Each red row from the first card is shown in more detail on a subsequent card. For this item, there’s one red row so there’s one subsequent detail card. On this second card, the header is also in red, showing ‘1’ again, but this time instead of the animal symbol, the detail is showing a leopard symbol. There’s a bar code on the card. You scan it on your phone.
You’re brought to a website. The top section shows the raw materials used to create the product, those in red showing first; hence the topmost raw material listed is fur and you see it’s from an Amur leopard. As it’s an animal, there’s a link to the IUCN Red List of Threatened Species1, which shows its conservation status, in this case, Critically Endangered2. Thus, there is no confusion anymore. The item you’re holding contains fur from an Amur leopard.
On the website within each raw material comprising the product, there’s also a link showing the registered address and contact details for the full supply chain, from the retailer, in whose shop you’re standing (or browsing online), back to the wholesalers and manufacturers. Thus, you can also see which part of the world the leopard came from and which businesses were involved in getting the product into your hand.
You flip back to the product footprint label’s third card. It shows the retail price.

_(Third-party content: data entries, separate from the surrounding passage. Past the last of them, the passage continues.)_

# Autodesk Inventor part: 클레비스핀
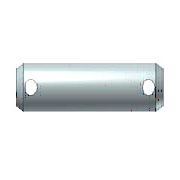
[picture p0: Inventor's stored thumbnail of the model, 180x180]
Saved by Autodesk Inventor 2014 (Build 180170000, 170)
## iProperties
IsCustomPart: 1
Created: 2012-02
Part Number: 클레비스핀
Material: 강철
Description: 머리가 없는 클레비스 핀 B
Document SubType Name: Modeling
Standard: ISO 2340
Designer: mduedu
Standard Revision: Second edition 1986-11-01
Standards Organization: ISO
Language: ko-KR
Size Designation: B - 8 x 45
Categories: <MemberInstance><Categories><Category DisplayName="조임쇠" InternalName="e4da775c-781d-43d5-af7c-5136215cf5a6" Mnemonic="FSTN"><Category DisplayName="핀" InternalNa
Density: 7.85 g/cm^3
Appearance: 반광택
Author: mduedu
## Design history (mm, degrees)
sketch "스케치1"
  geometry: L1 (-4.5, 0)-(-4.5, 4); L2 (-4.5, 4)-(35.5, 4); L3 (35.5, 4)-(35.5, 0); L4 (-4.5, 0)-(35.5, 0); L5 (0, -2)-(0, 5) reference; L6 (-13.5, 0)-(49.5, 0) reference; C1 r 1 at (-1, 0); C2 r 1 at (32, 0)
  constraints: 8 end point, 2 centre point, 2 perpendicular, 2 point on line, 1 collinear, 1 parallel, 1 tangent, 1 vertical
  dimensions: "d0" = 8 diameter of L2 L4 (= NND); "d1" = 40 distance of L1.end L2.end (= NLG); "d2" = 3.5 distance from line of L1 C1.centre (= DIST1); "d3" = 3.5 distance from line of L3 C2.centre (= DIST2); "d4" = 2 diameter of C1 (= BOR1); "d5" = 2 diameter of C2 (= BOR2)
revolve "본체" stored, may be unused: angle "d7" = 90 deg
extrude "구멍1" cut sketch "스케치1" taper "d6" = 0 deg; stored distance "d8" = 10
extrude "구멍2" cut sketch "스케치1" taper "d13" = 0 deg; stored distance "d14" = 10
workaxis "Work Axis1"
workaxis "Work Axis2"
workplane "Work Plane1"
node "작업 평면5"
body "Solid1"
chamfer "모따기2" distance "d9" = 2 (= PHH2); stored, may be unused: angle "d10" = 30 deg (= FAWI2), second distance "d40" = 2 (= PHH2)
chamfer "모따기1" distance "d11" = 2 (= PHH1); stored, may be unused: angle "d12" = 30 deg (= FAWI1), second distance "d41" = 2 (= PHH1)
other parameters: "NLG" = 40 [user parameter; used in 1 equation term], "NND" = 8 [user parameter; used in 1 equation term], "PHH1" = 2 [user parameter; used in 3 equation terms], "PHH2" = 2 (= PHH1) [user parameter; used in 2 equation terms], "FAWI1" = 30 deg [user parameter; used in 1 equation term], "FAWI2" = 30 deg [user parameter; used in 1 equation term], "DIST1" = 3.5 [user parameter; used in 4 equation terms], "DIST2" = 3.5 (= DIST1) [user parameter; used in 1 equation term], "BOR1" = 2 [user parameter; used in 4 equation terms], "BOR2" = 2 (= BOR1) [user parameter; used in 1 equation term], "d15" = 0, "d42" = 0, "d43" = 0, "d44" = -4.5 (= -0.5 x BOR1 - DIST1), "d45" = -4.5 (= -0.5 x BOR1 - DIST1), "d47" = 0, "d48" = 0, "d49" = 0, "d50" = 0, "d51" = 0, "d52" = 0
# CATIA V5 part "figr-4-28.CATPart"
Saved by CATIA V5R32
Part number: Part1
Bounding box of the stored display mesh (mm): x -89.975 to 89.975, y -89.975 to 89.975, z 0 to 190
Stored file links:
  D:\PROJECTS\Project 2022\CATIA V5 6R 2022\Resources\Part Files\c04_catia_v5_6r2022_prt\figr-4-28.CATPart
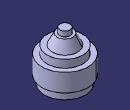
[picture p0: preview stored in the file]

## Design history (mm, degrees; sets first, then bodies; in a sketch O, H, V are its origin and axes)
Set1
  Line1 "Y Axis": stored without definition
  Line2 "Y Axis": stored without definition
  Line3 "X Axis": stored without definition
  Line4 "Z Axis": stored without definition
Body1 (main body)
  Sketch1 on yz-plane, origin (0, 0, 0), H (0, 1, 0), V (0, 0, 1)
    line L1 (0, 0) -> (80, 0)
    line L2 (80, 0) -> (80, 30)
    line L3 (80, 30) -> (90, 30)
    line L4 (90, 30) -> (90, 100)
    line L5 (90, 100) -> (70, 100)
    line L6 (70, 100) -> (70, 130)
    line L7 (70, 130) -> (50, 130)
    line L8 (50, 130) -> (30, 170)
    line L9 (30, 170) -> (20, 170)
    line L10 (20, 170) -> (20, 190)
    line L11 (20, 190) -> (0, 190)
    point P11 (0, 190)
    line L12 (0, 190) -> (0, 0)
    axis line L13 (0, -40) -> (0, 230)
    point P12 (0, -40)
    point P13 (0, 230)
    horizontal: L1 H, L3 H, L5 H, L7 H, L9 H, L11 H
    vertical: L2 V, L4 V, L6 V, L10 V, L12 V, L13 V
    coincidence: P11 V, P12 V, P13 L8
  Shaft1: profile Sketch1, axis Sketch1.L13, angle 360
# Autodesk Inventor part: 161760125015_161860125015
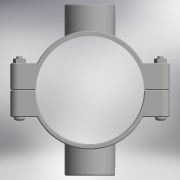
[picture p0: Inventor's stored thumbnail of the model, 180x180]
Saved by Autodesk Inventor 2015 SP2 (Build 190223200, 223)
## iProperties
Created: 2017-05
Part Number: 161760125015_161860125015
Material: Generic
Description: PLASSON DOUBLE SADDLE 125-1.1/2"
Document SubType Name: Modeling
Designer: KIM
Density: 1 g/cm^3
Appearance: Default
Author: KIM
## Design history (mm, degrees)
derived "16176.ipt"
feature "Solid1::16176.ipt"
feature "Solid2::16176.ipt"
tag "TaggingFeature1"
body "Solid1"
body "Solid2"
other parameters: "d0" = 137.5, "d1" = 184, "d2" = 62.5, "d3" = 125, "d4" = 124, "d5" = 0, "d6" = 9.2, "d7" = 184, "d8" = 0.1, "d10" = 0, "d11" = 1.25, "d20" = 1.25, "d23" = 1.25, "d36" = 13, "d37" = 10.4, "d38" = 70.5, "d39" = 0, "d40" = 3, "d41" = 5, "d42" = 0, "d43" = 8, "d44" = 3, "d45" = 0, "d46" = 1.25, "d52" = 44.845, "d53" = 25, "d54" = 0, "d57" = 0, "d58" = 135, "d60" = 0, "d62" = 13, "d63" = 10.4, "d66" = 103.2, "d67" = 198, "d68" = 58.2985, "d69" = 44.845, "d70" = 25, "d71" = 0, "d74" = 0, "d75" = 1.25, "d_" = 125, "G_" = 44.845, "A_" = 99, "L_" = 184, "L_1" = 124, "l_2" = 25

Or is this made from ivory?
You walk over to another product. It’s that shiny ornament you noticed earlier. The topmost card on the product footprint label is red with a ‘1’ followed by an animal symbol. The second card this time shows an elephant symbol and on scanning the bar code you see the topmost raw material listed is ivory from an African elephant, in this case, the Savannah sub-species. The IUCN Red List of Threatened Species link is available again as is the list of registered addresses and contact details for the businesses along the supply chain, allowing you to see which part of the world the elephant came from and which businesses were involved in getting the ornament into your hand.
There is no uncertainty over what the ornament is made from anymore. The item you’re holding is not made of clay but comprises ivory from an African elephant. With this extra information to hand you decide whether to purchase.
Was child labour used?
You leave the gift shop and enter a sports shop. You pick up a pair of running shoes. The header on the topmost card of the label is red. It has eight rows beneath it, the first two of which are red. The first row contains a ‘4’ followed by a human symbol. The second row shows a ‘1’ followed by an animal symbol. As there are two rows in red, there are two subsequent detail cards.
You flip to the next card and see the ‘4’ now followed by a child symbol. You scan the code. You see the pair of running shoes in your hand was partly made using four hours’ child labour and you can see the registered address of the business using child labour as part of the manufacturing process. You also see the registered addresses of all other businesses on the supply chain, so you know those businesses are also aware children have been used to make the product.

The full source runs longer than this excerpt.